Only the lines containing "PredefinedType" should appear in the answer, copied from the listing below.

============

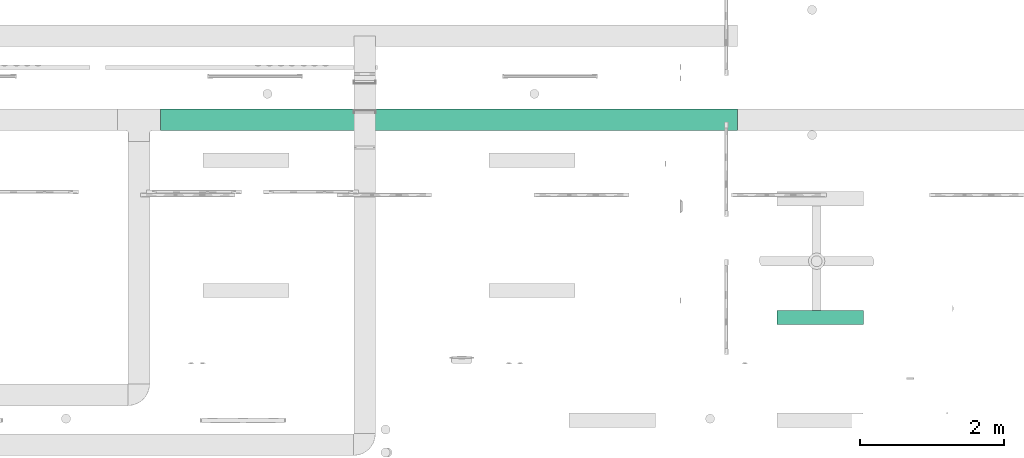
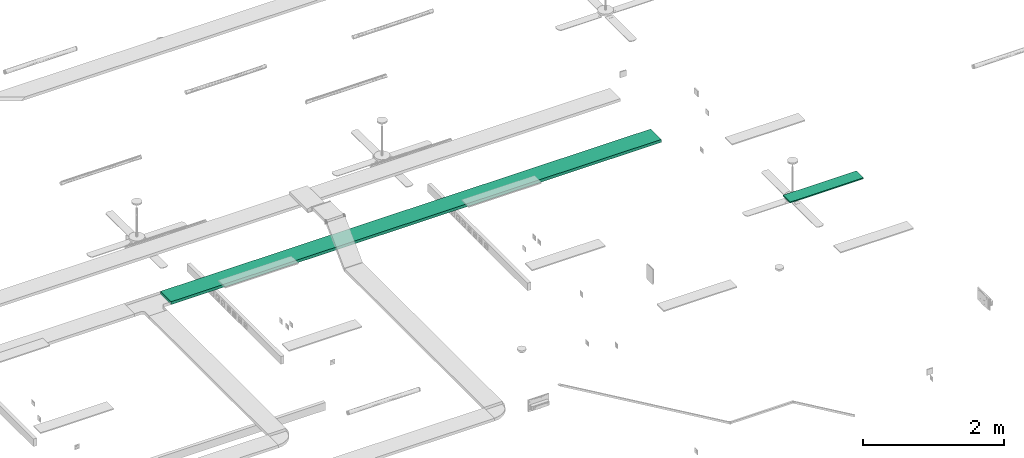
# One storey, part 22 of 153: 1 flow segment, 1 flow terminal.
"""IFC2X3 building model written with IfcOpenShell, lengths in metres."""

from ifc_helpers import new_model, entity, si_unit, converted_unit, derived_unit, direction, frame, origin, origin_2d_with_axis, place, context, subcontext, project, spatial, rectangle, extrude, source, transform, mapped, type_object, type_shapes, element, save


model = new_model("IFC2X3")

# Units and contexts
model_context = context("Model", 3, precision=1e-05, world=origin(), true_north=direction((6.12303176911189e-17, 1.0)))
body_context = subcontext(model_context, "Body", "Model", "MODEL_VIEW")
ifc_project = project(units=[si_unit("LENGTHUNIT", "METRE"), si_unit("AREAUNIT", "SQUARE_METRE"), si_unit("VOLUMEUNIT", "CUBIC_METRE"), converted_unit("PLANEANGLEUNIT", "DEGREE", entity("IfcRatioMeasure", 0.0174532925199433), si_unit("PLANEANGLEUNIT", "RADIAN"), dimensions=[0, 0, 0, 0, 0, 0, 0]), si_unit("MASSUNIT", "GRAM", prefix="KILO"), derived_unit("MASSDENSITYUNIT", [(si_unit("MASSUNIT", "GRAM", prefix="KILO"), 1), (si_unit("LENGTHUNIT", "METRE"), -3)]), si_unit("TIMEUNIT", "SECOND"), si_unit("FREQUENCYUNIT", "HERTZ"), si_unit("THERMODYNAMICTEMPERATUREUNIT", "DEGREE_CELSIUS"), derived_unit("THERMALTRANSMITTANCEUNIT", [(si_unit("MASSUNIT", "GRAM", prefix="KILO"), 1), (si_unit("THERMODYNAMICTEMPERATUREUNIT", "KELVIN"), -1), (si_unit("TIMEUNIT", "SECOND"), -3)]), derived_unit("VOLUMETRICFLOWRATEUNIT", [(si_unit("LENGTHUNIT", "METRE"), 3), (si_unit("TIMEUNIT", "SECOND"), -1)]), si_unit("ELECTRICCURRENTUNIT", "AMPERE"), si_unit("ELECTRICVOLTAGEUNIT", "VOLT"), si_unit("POWERUNIT", "WATT"), si_unit("FORCEUNIT", "NEWTON"), si_unit("ILLUMINANCEUNIT", "LUX"), si_unit("LUMINOUSFLUXUNIT", "LUMEN"), si_unit("LUMINOUSINTENSITYUNIT", "CANDELA"), derived_unit("USERDEFINED", [(si_unit("MASSUNIT", "GRAM", prefix="KILO"), -1), (si_unit("LENGTHUNIT", "METRE"), -2), (si_unit("TIMEUNIT", "SECOND"), 3), (si_unit("LUMINOUSFLUXUNIT", "LUMEN"), 1)]), derived_unit("LINEARVELOCITYUNIT", [(si_unit("LENGTHUNIT", "METRE"), 1), (si_unit("TIMEUNIT", "SECOND"), -1)]), si_unit("PRESSUREUNIT", "PASCAL"), derived_unit("USERDEFINED", [(si_unit("LENGTHUNIT", "METRE"), -2), (si_unit("MASSUNIT", "GRAM", prefix="KILO"), 1), (si_unit("TIMEUNIT", "SECOND"), -2)])], contexts=[model_context])

# Site, building, storey
site_placement = place(None, origin())
site = spatial("IfcSite", under=ifc_project, at=site_placement, Name="Default", CompositionType="ELEMENT")
building_placement = place(site_placement, origin())
building = spatial("IfcBuilding", under=site, at=building_placement, CompositionType="ELEMENT")
storey_placement = place(building_placement, frame((0.0, 0.0, -4.62)))
storey = spatial("IfcBuildingStorey", under=building, at=storey_placement, Name="S02", CompositionType="ELEMENT", Elevation=-4.62)

# Flow segment
cable_carrier_segment_type = type_object("IfcCableCarrierSegmentType", Name="Cable Tray with Fittings:Chemins de câbles en treillis_Chemins de câbles en treillis", PredefinedType="NOTDEFINED")
flow_segment_placement = place(storey_placement, origin())
element("IfcFlowSegment", 1, at=flow_segment_placement, inside=storey, type_object=cable_carrier_segment_type, Name="Cable Tray with Fittings:Chemins de câbles en treillis_Chemins de câbles en treillis", ObjectType="Cable Tray with Fittings:Chemins de câbles en treillis_Chemins de câbles en treillis", context=body_context, shape_type="SweptSolid", body=[
    extrude(rectangle(XDim=8.03159570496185, YDim=0.300000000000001, at=origin_2d_with_axis()), frame((58.3741372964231, -189.865826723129, 3.764)), (0.0, 0.0, 1.0), 0.05),
])

# Flow terminal
light_fixture_type = type_object("IfcLightFixtureType", Name="B_Réglete étanche", PredefinedType="NOTDEFINED")
shared_shape = source(origin(), body_context, "Body", "SweptSolid", [
    extrude(rectangle(XDim=0.199999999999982, YDim=1.2, at=origin_2d_with_axis()), frame((0.0, 0.0, 0.0), z_axis=(0.0, 0.0, 1.0), x_axis=(0.0, 1.0, 0.0)), (0.0, 0.0, 1.0), 0.02),
])
type_shapes(light_fixture_type, [shared_shape])
flow_terminal_placement = place(storey_placement, frame((63.5406087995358, -192.61867974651, 4.175), z_axis=(0.0, 0.0, -1.0), x_axis=(-1.0, 0.0, 0.0)))
element("IfcFlowTerminal", 2, at=flow_terminal_placement, inside=storey, type_object=light_fixture_type, Name="II_PREF_Type B Réglette étanche:B_Réglete étanche", ObjectType="II_PREF_Type B Réglette étanche:B_Réglete étanche", context=body_context, shape_type="MappedRepresentation", body=[
    mapped(shared_shape, transform((0.0, 0.0, 0.0), scale=1.0)),
])

save(model, "model.ifc")

============

Expected answer -
cable_carrier_segment_type = type_object("IfcCableCarrierSegmentType", Name="Cable Tray with Fittings:Chemins de câbles en treillis_Chemins de câbles en treillis", PredefinedType="NOTDEFINED")
light_fixture_type = type_object("IfcLightFixtureType", Name="B_Réglete étanche", PredefinedType="NOTDEFINED")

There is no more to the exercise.